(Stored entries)
■ ■ ■ ■ ■ ■ ■
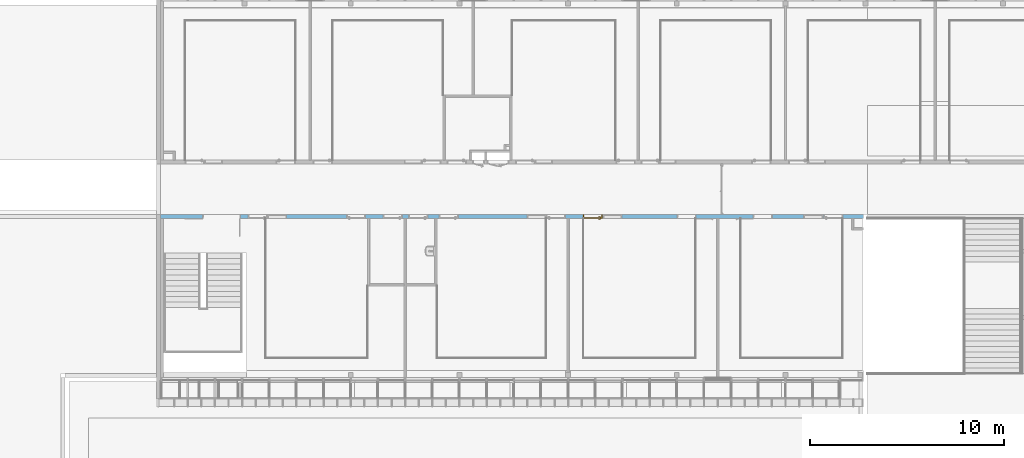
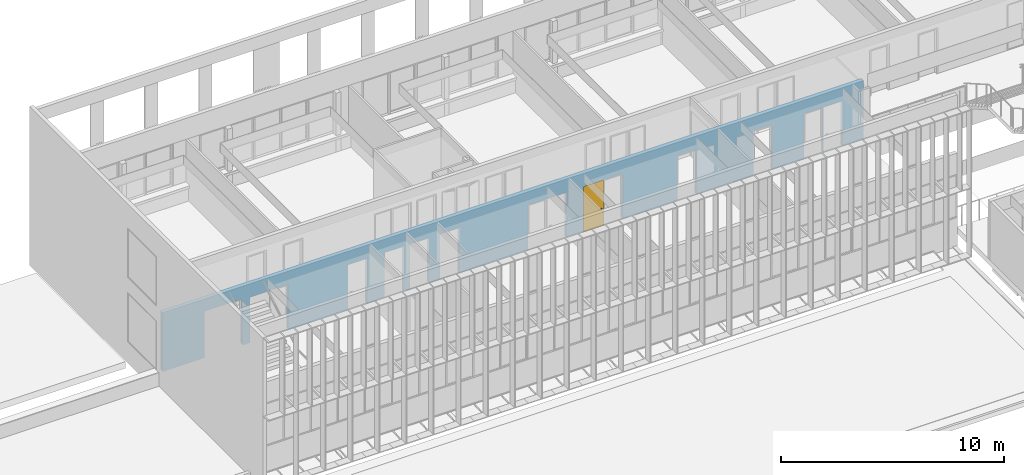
# One storey, part 44 of 106: 1 door, 15 openings, plus 1 element that does not belong to this part.
"""IFC2X3 building model written with IfcOpenShell, lengths in centimetres."""

from ifc_helpers import new_model, entity, si_unit, converted_unit, derived_unit, direction, frame, frame_2d, origin, place, context, subcontext, project, spatial, polyline, rectangle, extrude, clip, bounded_halfspace, faceted_brep, source, transform, mapped, material, material_list, layer, layer_set, layer_usage, type_object, type_shapes, element, fill, save


model = new_model("IFC2X3")

# Units and contexts
model_context = context("Model", 3, precision=0.001, world=origin(), true_north=direction((6.12303176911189e-17, 1.0)))
body_context = subcontext(model_context, "Body", "Model", "MODEL_VIEW")
ifc_project = project(units=[si_unit("LENGTHUNIT", "METRE", prefix="CENTI"), si_unit("AREAUNIT", "SQUARE_METRE"), si_unit("VOLUMEUNIT", "CUBIC_METRE"), converted_unit("PLANEANGLEUNIT", "DEGREE", entity("IfcRatioMeasure", 0.0174532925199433), si_unit("PLANEANGLEUNIT", "RADIAN"), dimensions=[0, 0, 0, 0, 0, 0, 0]), si_unit("MASSUNIT", "GRAM", prefix="KILO"), derived_unit("MASSDENSITYUNIT", [(si_unit("MASSUNIT", "GRAM", prefix="KILO"), 1), (si_unit("LENGTHUNIT", "METRE"), -3)]), si_unit("TIMEUNIT", "SECOND"), si_unit("FREQUENCYUNIT", "HERTZ"), si_unit("THERMODYNAMICTEMPERATUREUNIT", "DEGREE_CELSIUS"), derived_unit("THERMALTRANSMITTANCEUNIT", [(si_unit("MASSUNIT", "GRAM", prefix="KILO"), 1), (si_unit("THERMODYNAMICTEMPERATUREUNIT", "KELVIN"), -1), (si_unit("TIMEUNIT", "SECOND"), -3)]), derived_unit("VOLUMETRICFLOWRATEUNIT", [(si_unit("LENGTHUNIT", "METRE"), 3), (si_unit("TIMEUNIT", "SECOND"), -1)]), si_unit("ELECTRICCURRENTUNIT", "AMPERE"), si_unit("ELECTRICVOLTAGEUNIT", "VOLT"), si_unit("POWERUNIT", "WATT"), si_unit("FORCEUNIT", "NEWTON", prefix="KILO"), si_unit("ILLUMINANCEUNIT", "LUX"), si_unit("LUMINOUSFLUXUNIT", "LUMEN"), si_unit("LUMINOUSINTENSITYUNIT", "CANDELA"), derived_unit("USERDEFINED", [(si_unit("MASSUNIT", "GRAM", prefix="KILO"), -1), (si_unit("LENGTHUNIT", "METRE"), -2), (si_unit("TIMEUNIT", "SECOND"), 3), (si_unit("LUMINOUSFLUXUNIT", "LUMEN"), 1)]), derived_unit("LINEARVELOCITYUNIT", [(si_unit("LENGTHUNIT", "METRE"), 1), (si_unit("TIMEUNIT", "SECOND"), -1)]), si_unit("PRESSUREUNIT", "PASCAL"), derived_unit("USERDEFINED", [(si_unit("LENGTHUNIT", "METRE"), -2), (si_unit("MASSUNIT", "GRAM", prefix="KILO"), 1), (si_unit("TIMEUNIT", "SECOND"), -2)])], contexts=[model_context])

# Site, building, storey
site_placement = place(None, frame((-2781.94577612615, 7442.24238424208, 0.0)))
site = spatial("IfcSite", under=ifc_project, at=site_placement, Name="Default", CompositionType="ELEMENT")
building_placement = place(site_placement, origin())
building = spatial("IfcBuilding", under=site, at=building_placement, CompositionType="ELEMENT")
storey_placement = place(building_placement, frame((0.0, 0.0, 422.0)))
storey = spatial("IfcBuildingStorey", under=building, at=storey_placement, Name="Toiture - Cuisine", CompositionType="ELEMENT", Elevation=421.999999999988)

# Wall, openings, door
ifc_material_1 = material(Name="01 - Maçonnerie")
ifc_layer = layer(ifc_material_1, 20.0)
ifc_layer_set = layer_set([ifc_layer], Name="Mur de base:04 - Structure - béton - 20cm")
ifc_layer_usage = layer_usage(ifc_layer_set, "AXIS2", "NEGATIVE", 10.0)
wall_type = type_object("IfcWallType", Name="Mur de base:04 - Structure - béton - 20cm", PredefinedType="STANDARD", material=ifc_layer_set)
wall_placement = place(building_placement, frame((-4787.99987760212, -1100.0, 422.0), z_axis=(0.0, 0.0, 1.0), x_axis=(-1.0, 0.0, 0.0)))
wall = element("IfcWallStandardCase", 1, at=wall_placement, inside=storey, type_object=wall_type, material=ifc_layer_usage, Name="Mur de base:04 - Structure - béton - 20cm", ObjectType="Mur de base:04 - Structure - béton - 20cm", context=body_context, shape_type="Clipping", body=[
    clip(extrude(rectangle(XDim=3621.50000006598, YDim=20.0000000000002, at=frame_2d((1810.75000003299, 5.32907051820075e-14), x_axis=(-1.0, 0.0))), origin(), (0.0, 0.0, 1.0), 321.0), bounded_halfspace(frame((4.0, -10.0, 321.0), z_axis=(0.0, 0.0, -1.0), x_axis=(0.0, -1.0, 0.0)), True, frame((4.0, -10.0, 321.0)), polyline([(0.0, 0.0), (720.0, 0.0), (730.0, 0.0), (3617.50000006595, 0.0), (3617.50000006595, 20.0), (3602.20000006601, 20.0), (3077.50016406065, 20.0), (3075.50016406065, 20.0), (2550.5, 20.0), (2540.5, 20.0), (2362.50000003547, 20.0), (2352.50000003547, 20.0), (2203.5, 20.0), (2193.5, 20.0), (1632.5, 20.0), (1630.5, 20.0), (1522.50016406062, 20.0), (1512.50016406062, 20.0), (1440.5, 20.0), (1438.5, 20.0), (862.500000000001, 20.0), (860.5, 20.0), (750.500000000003, 20.0), (740.500000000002, 20.0), (630.500000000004, 20.0), (628.500000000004, 20.0), (104.500000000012, 20.0), (102.500000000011, 20.0), (56.0, 20.0), (46.0, 20.0), (0.0, 20.0), (0.0, 0.0)]))),
])
opening_1_placement = place(wall_placement, frame((3071.50016406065, -10.0, 0.0)))
element("IfcOpeningElement", 2, at=opening_1_placement, cuts=wall, Name="Int. Simple:PV (0.93m x 2.50m):1", ObjectType="Opening", context=body_context, shape_type="SweptSolid", body=[
    extrude(rectangle(XDim=248.500000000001, YDim=99.9999999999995, at=frame_2d((124.250000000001, 49.9999999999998), x_axis=(1.0, 0.0))), frame((0.0, 0.0, 0.0), z_axis=(0.0, 1.0, 0.0), x_axis=(0.0, 0.0, 1.0)), (0.0, 0.0, 1.0), 20.0),
])
opening_2_placement = place(wall_placement, frame((1534.5, -10.0, 0.0)))
element("IfcOpeningElement", 3, at=opening_2_placement, cuts=wall, Name="Int. Simple:PV (0.93m x 2.50m):1", ObjectType="Opening", context=body_context, shape_type="SweptSolid", body=[
    extrude(rectangle(XDim=248.500000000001, YDim=99.9999999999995, at=frame_2d((124.250000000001, 50.0), x_axis=(1.0, 0.0))), frame((0.0, 0.0, 0.0), z_axis=(0.0, 1.0, 0.0), x_axis=(0.0, 0.0, 1.0)), (0.0, 0.0, 1.0), 20.0),
])
opening_3_placement = place(wall_placement, frame((861.500000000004, -10.0, 0.0)))
element("IfcOpeningElement", 4, at=opening_3_placement, cuts=wall, Name="Int. Simple:PV (0.93m x 2.50m):1", ObjectType="Opening", context=body_context, shape_type="SweptSolid", body=[
    extrude(rectangle(XDim=248.500000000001, YDim=99.9999999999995, at=frame_2d((124.250000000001, 50.0), x_axis=(1.0, 0.0))), frame((0.0, 0.0, 0.0), z_axis=(0.0, 1.0, 0.0), x_axis=(0.0, 0.0, 1.0)), (0.0, 0.0, 1.0), 20.0),
])
opening_4_placement = place(wall_placement, frame((469.500000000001, -10.0, 0.0)))
element("IfcOpeningElement", 5, at=opening_4_placement, cuts=wall, Name="Int. Simple:PV (0.93m x 2.50m):1", ObjectType="Opening", context=body_context, shape_type="SweptSolid", body=[
    extrude(rectangle(XDim=248.500000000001, YDim=99.9999999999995, at=frame_2d((124.250000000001, 49.9999999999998), x_axis=(1.0, 0.0))), frame((0.0, 0.0, 0.0), z_axis=(0.0, 1.0, 0.0), x_axis=(0.0, 0.0, 1.0)), (0.0, 0.0, 1.0), 20.0),
])
opening_5_placement = place(wall_placement, frame((2971.50016406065, -10.0, 0.0)))
element("IfcOpeningElement", 6, at=opening_5_placement, cuts=wall, Name="châssis intérieur vitré:châssis intérieur vitré (h=270) R+1:1", ObjectType="Opening", context=body_context, shape_type="SweptSolid", body=[
    extrude(rectangle(XDim=250.0, YDim=99.9999999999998, at=frame_2d((125.0, 49.9999999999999), x_axis=(1.0, 0.0))), frame((0.0, 0.0, 0.0), z_axis=(0.0, 1.0, 0.0), x_axis=(0.0, 0.0, 1.0)), (0.0, 0.0, 1.0), 20.0),
])
opening_6_placement = place(wall_placement, frame((1634.50000000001, -10.0, 0.0)))
element("IfcOpeningElement", 7, at=opening_6_placement, cuts=wall, Name="châssis intérieur vitré:châssis intérieur vitré (h=270) R+1:1", ObjectType="Opening", context=body_context, shape_type="SweptSolid", body=[
    extrude(rectangle(XDim=250.0, YDim=99.9999999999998, at=frame_2d((125.0, 49.9999999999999), x_axis=(1.0, 0.0))), frame((0.0, 0.0, 0.0), z_axis=(0.0, 1.0, 0.0), x_axis=(0.0, 0.0, 1.0)), (0.0, 0.0, 1.0), 20.0),
])
opening_7_placement = place(wall_placement, frame((1243.0, -10.0, 0.0)))
element("IfcOpeningElement", 8, at=opening_7_placement, cuts=wall, Name="châssis intérieur vitré:châssis intérieur vitré (h=270) R+1:1", ObjectType="Opening", context=body_context, shape_type="SweptSolid", body=[
    extrude(rectangle(XDim=250.0, YDim=99.9999999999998, at=frame_2d((125.0, 49.9999999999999), x_axis=(1.0, 0.0))), frame((0.0, 0.0, 0.0), z_axis=(0.0, 1.0, 0.0), x_axis=(0.0, 0.0, 1.0)), (0.0, 0.0, 1.0), 20.0),
])
opening_8_placement = place(wall_placement, frame((208.0, -10.0, 0.0)))
element("IfcOpeningElement", 9, at=opening_8_placement, cuts=wall, Name="châssis intérieur vitré:châssis intérieur vitré (h=270) R+1:1", ObjectType="Opening", context=body_context, shape_type="SweptSolid", body=[
    extrude(rectangle(XDim=250.0, YDim=99.9999999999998, at=frame_2d((125.0, 49.9999999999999), x_axis=(1.0, 0.0))), frame((0.0, 0.0, 0.0), z_axis=(0.0, 1.0, 0.0), x_axis=(0.0, 0.0, 1.0)), (0.0, 0.0, 1.0), 20.0),
])
opening_9_placement = place(wall_placement, frame((2564.5, -10.0, 0.0)))
element("IfcOpeningElement", 10, at=opening_9_placement, cuts=wall, Name="Int. Simple:PV (0.93m x 2.50m):1", ObjectType="Opening", context=body_context, shape_type="SweptSolid", body=[
    extrude(rectangle(XDim=248.500000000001, YDim=99.9999999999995, at=frame_2d((124.250000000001, 50.0), x_axis=(1.0, 0.0))), frame((0.0, 0.0, 0.0), z_axis=(0.0, 1.0, 0.0), x_axis=(0.0, 0.0, 1.0)), (0.0, 0.0, 1.0), 20.0),
])
opening_10_placement = place(wall_placement, frame((2374.5, -10.0, 0.0)))
element("IfcOpeningElement", 11, at=opening_10_placement, cuts=wall, Name="Int. Simple:PP simple (0.93m x 2.50m):1", ObjectType="Opening", context=body_context, shape_type="SweptSolid", body=[
    extrude(rectangle(XDim=248.500000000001, YDim=99.9999999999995, at=frame_2d((124.250000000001, 49.9999999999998), x_axis=(1.0, 0.0))), frame((0.0, 0.0, 0.0), z_axis=(0.0, 1.0, 0.0), x_axis=(0.0, 0.0, 1.0)), (0.0, 0.0, 1.0), 20.0),
])
opening_11_placement = place(wall_placement, frame((2244.5, -10.0, 0.0)))
element("IfcOpeningElement", 12, at=opening_11_placement, cuts=wall, Name="Int. Simple:PP simple (0.93m x 2.50m):1", ObjectType="Opening", context=body_context, shape_type="SweptSolid", body=[
    extrude(rectangle(XDim=248.500000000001, YDim=99.9999999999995, at=frame_2d((124.250000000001, 49.9999999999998), x_axis=(1.0, 0.0))), frame((0.0, 0.0, 0.0), z_axis=(0.0, 1.0, 0.0), x_axis=(0.0, 0.0, 1.0)), (0.0, 0.0, 1.0), 20.0),
])
opening_12_placement = place(wall_placement, frame((2087.5, -10.0, 0.0)))
element("IfcOpeningElement", 13, at=opening_12_placement, cuts=wall, Name="Int. Simple:PV (0.93m x 2.50m):1", ObjectType="Opening", context=body_context, shape_type="SweptSolid", body=[
    extrude(rectangle(XDim=248.500000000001, YDim=99.9999999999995, at=frame_2d((124.250000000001, 49.9999999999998), x_axis=(1.0, 0.0))), frame((0.0, 0.0, 0.0), z_axis=(0.0, 1.0, 0.0), x_axis=(0.0, 0.0, 1.0)), (0.0, 0.0, 1.0), 20.0),
])
opening_13_placement = place(wall_placement, frame((1344.5, -10.0, 0.0)))
opening_13 = element("IfcOpeningElement", 14, at=opening_13_placement, cuts=wall, Name="Int. Simple:PV (0.93m x 2.50m):1", ObjectType="Opening", context=body_context, shape_type="SweptSolid", body=[
    extrude(rectangle(XDim=248.500000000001, YDim=99.9999999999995, at=frame_2d((124.250000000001, 49.9999999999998), x_axis=(1.0, 0.0))), frame((0.0, 0.0, 0.0), z_axis=(0.0, 1.0, 0.0), x_axis=(0.0, 0.0, 1.0)), (0.0, 0.0, 1.0), 20.0),
])
opening_14_placement = place(wall_placement, frame((106.500000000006, -10.0, 0.0)))
element("IfcOpeningElement", 15, at=opening_14_placement, cuts=wall, Name="Int. Simple:PV (0.93m x 2.50m):1", ObjectType="Opening", context=body_context, shape_type="SweptSolid", body=[
    extrude(rectangle(XDim=248.500000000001, YDim=99.9999999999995, at=frame_2d((124.250000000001, 50.0), x_axis=(1.0, 0.0))), frame((0.0, 0.0, 0.0), z_axis=(0.0, 1.0, 0.0), x_axis=(0.0, 0.0, 1.0)), (0.0, 0.0, 1.0), 20.0),
])
opening_15_placement = place(wall_placement, frame((3208.50000000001, -10.0, 0.0)))
element("IfcOpeningElement", 16, at=opening_15_placement, cuts=wall, Name="Int. Double:PP (1.90m x 2.50m):1", ObjectType="Opening", context=body_context, shape_type="SweptSolid", body=[
    extrude(rectangle(XDim=253.500000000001, YDim=197.0, at=frame_2d((126.750000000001, 98.5), x_axis=(1.0, 0.0))), frame((0.0, 0.0, 0.0), z_axis=(0.0, 1.0, 0.0), x_axis=(0.0, 0.0, 1.0)), (0.0, 0.0, 1.0), 20.0),
])
ifc_material_2 = material(Name="Finition Peinture - Blanc satiné")
ifc_material_3 = material(Name="Bois - Panneau de porte")
ifc_material_4 = material(Name="Bois - Cadre de porte")
ifc_material_list_1 = material_list([ifc_material_2, ifc_material_3, ifc_material_4])
ifc_material_list_2 = material_list([ifc_material_2, ifc_material_3, ifc_material_4])
door_style = type_object("IfcDoorStyle", Name="PV (0.93m x 2.50m)", ConstructionType="NOTDEFINED", OperationType="SINGLE_SWING_RIGHT", ParameterTakesPrecedence=False, Sizeable=False, material=ifc_material_list_2)
shared_shape = source(origin(), body_context, "Body", "Brep", [
    faceted_brep([(99.5000000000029, -0.500000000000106, 87.0), (99.5000000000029, -0.500000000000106, 108.0), (98.535276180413, -0.500000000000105, 108.399601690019), (97.5000000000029, -0.500000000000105, 108.535898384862), (96.4647238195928, -0.500000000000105, 108.399601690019), (95.500000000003, -0.500000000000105, 108.0), (95.5000000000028, -0.500000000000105, 87.0), (96.4647238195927, -0.500000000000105, 86.6003983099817), (97.5000000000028, -0.500000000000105, 86.464101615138), (98.5352761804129, -0.500000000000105, 86.6003983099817), (99.5000000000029, 0.0, 108.0), (99.5000000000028, 0.0, 87.0), (98.5352761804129, 0.0, 86.6003983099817), (97.5000000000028, 0.0, 86.464101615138), (96.4647238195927, 0.0, 86.6003983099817), (95.5000000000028, 0.0, 87.0), (95.5000000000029, 0.0, 108.0), (96.4647238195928, 0.0, 108.399601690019), (97.5000000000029, 0.0, 108.535898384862), (98.535276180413, 0.0, 108.399601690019)], [[[0, 1, 2, 3, 4, 5, 6, 7, 8, 9]], [[10, 11, 12, 13, 14, 15, 16, 17, 18, 19]], [[9, 12, 11, 0]], [[8, 13, 12, 9]], [[7, 14, 13, 8]], [[7, 6, 15, 14]], [[15, 6, 5, 16]], [[4, 17, 16, 5]], [[3, 18, 17, 4]], [[2, 19, 18, 3]], [[2, 1, 10, 19]], [[11, 10, 1, 0]]]),
    faceted_brep([(99.5000000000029, 4.0, 87.0), (99.5000000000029, 4.0, 108.0), (98.535276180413, 4.0, 108.399601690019), (97.5000000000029, 4.0, 108.535898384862), (96.4647238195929, 4.0, 108.399601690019), (95.500000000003, 4.0, 108.0), (95.5000000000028, 4.0, 87.0), (96.4647238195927, 4.0, 86.6003983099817), (97.5000000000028, 4.0, 86.464101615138), (98.5352761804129, 4.0, 86.6003983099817), (97.5000000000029, 4.49999999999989, 108.535898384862), (98.535276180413, 4.49999999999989, 108.399601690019), (99.5000000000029, 4.49999999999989, 108.0), (99.5000000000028, 4.49999999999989, 87.0), (98.5352761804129, 4.49999999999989, 86.6003983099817), (97.5000000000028, 4.49999999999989, 86.464101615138), (96.4647238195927, 4.49999999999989, 86.6003983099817), (95.5000000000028, 4.49999999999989, 87.0), (95.500000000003, 4.49999999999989, 108.0), (96.4647238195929, 4.49999999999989, 108.399601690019)], [[[0, 1, 2, 3, 4, 5, 6, 7, 8, 9]], [[10, 11, 12, 13, 14, 15, 16, 17, 18, 19]], [[4, 19, 18, 5]], [[3, 10, 19, 4]], [[2, 11, 10, 3]], [[2, 1, 12, 11]], [[13, 12, 1, 0]], [[9, 14, 13, 0]], [[8, 15, 14, 9]], [[7, 16, 15, 8]], [[7, 6, 17, 16]], [[17, 6, 5, 18]]]),
    faceted_brep([(97.2974701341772, -0.500000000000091, 100.778044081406), (97.7025298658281, -0.500000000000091, 100.778044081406), (98.1000000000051, -0.500000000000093, 100.699999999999), (98.100000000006, -0.500000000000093, 99.2999999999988), (97.7025298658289, -0.500000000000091, 99.221955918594), (97.297470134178, -0.500000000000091, 99.2219559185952), (96.9000000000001, -0.500000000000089, 99.3000000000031), (96.9000000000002, -0.500000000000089, 100.7), (97.7025298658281, -3.10045754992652, 100.778044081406), (98.1000000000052, -3.26509507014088, 100.7), (97.2974701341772, -2.93267631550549, 100.778044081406), (95.9298602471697, -4.30028620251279, 100.778044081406), (96.0976414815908, -4.70534593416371, 100.778044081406), (96.9000000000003, -2.76803879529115, 100.7), (96.9000000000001, -2.76803879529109, 99.3000000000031), (97.297470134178, -2.93267631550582, 99.2219559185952), (97.7025298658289, -3.10045754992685, 99.221955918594), (96.0976414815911, -4.70534593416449, 99.221955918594), (95.9298602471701, -4.30028620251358, 99.2219559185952), (98.100000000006, -3.26509507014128, 99.2999999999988), (96.2622790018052, -5.1028160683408, 100.7), (95.7652227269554, -3.90281606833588, 100.7), (95.7652227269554, -3.90281606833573, 99.3000000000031), (96.2622790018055, -5.10281606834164, 99.2999999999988), (87.4981359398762, -5.10281606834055, 100.7), (87.4981359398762, -4.70534593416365, 100.778044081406), (87.4981359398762, -4.30028620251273, 100.778044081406), (87.4981359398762, -3.90281606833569, 100.699999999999), (87.4981359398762, -3.90281606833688, 99.3000000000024), (87.4981359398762, -4.30028620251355, 99.2219559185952), (87.4981359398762, -4.70534593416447, 99.221955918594), (87.4981359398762, -5.10281606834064, 99.2999999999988), (91.7139980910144, -4.5028160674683, 100.78786867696), (92.2692302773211, -5.1028160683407, 100.7), (91.6316793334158, -3.9028160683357, 100.7), (91.631679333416, -3.90281606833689, 99.3000000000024), (91.7139981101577, -4.50281607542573, 99.2121313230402), (92.2692310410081, -5.10281606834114, 99.2999999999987)], [[[0, 1, 2, 3, 4, 5, 6, 7]], [[2, 1, 8, 9]], [[1, 0, 10, 11, 12, 8]], [[0, 7, 13, 10]], [[14, 13, 7, 6]], [[5, 15, 14, 6]], [[5, 4, 16, 17, 18, 15]], [[3, 19, 16, 4]], [[9, 19, 3, 2]], [[9, 8, 12, 20]], [[10, 13, 21, 11]], [[22, 21, 13, 14]], [[14, 15, 18, 22]], [[16, 19, 23, 17]], [[20, 23, 19, 9]], [[24, 25, 26, 27, 28, 29, 30, 31]], [[32, 25, 33]], [[33, 25, 24]], [[33, 20, 12]], [[11, 34, 32]], [[34, 11, 21]], [[27, 26, 34]], [[32, 26, 25]], [[32, 34, 26]], [[32, 33, 12]], [[11, 32, 12]], [[21, 22, 35, 28, 27, 34]], [[36, 29, 35]], [[30, 36, 37]], [[18, 35, 22]], [[29, 28, 35]], [[30, 37, 31]], [[37, 17, 23]], [[36, 17, 37]], [[36, 18, 17]], [[36, 35, 18]], [[29, 36, 30]], [[23, 20, 33, 24, 31, 37]]]),
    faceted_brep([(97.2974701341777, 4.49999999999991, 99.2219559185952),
■ ■ ■ ■ ■ ■ ■
▶ [Task]
Count up the lines in the records where the string "vitré" appears. Your reply is that number alone.

▶ [Answer to this problem]
4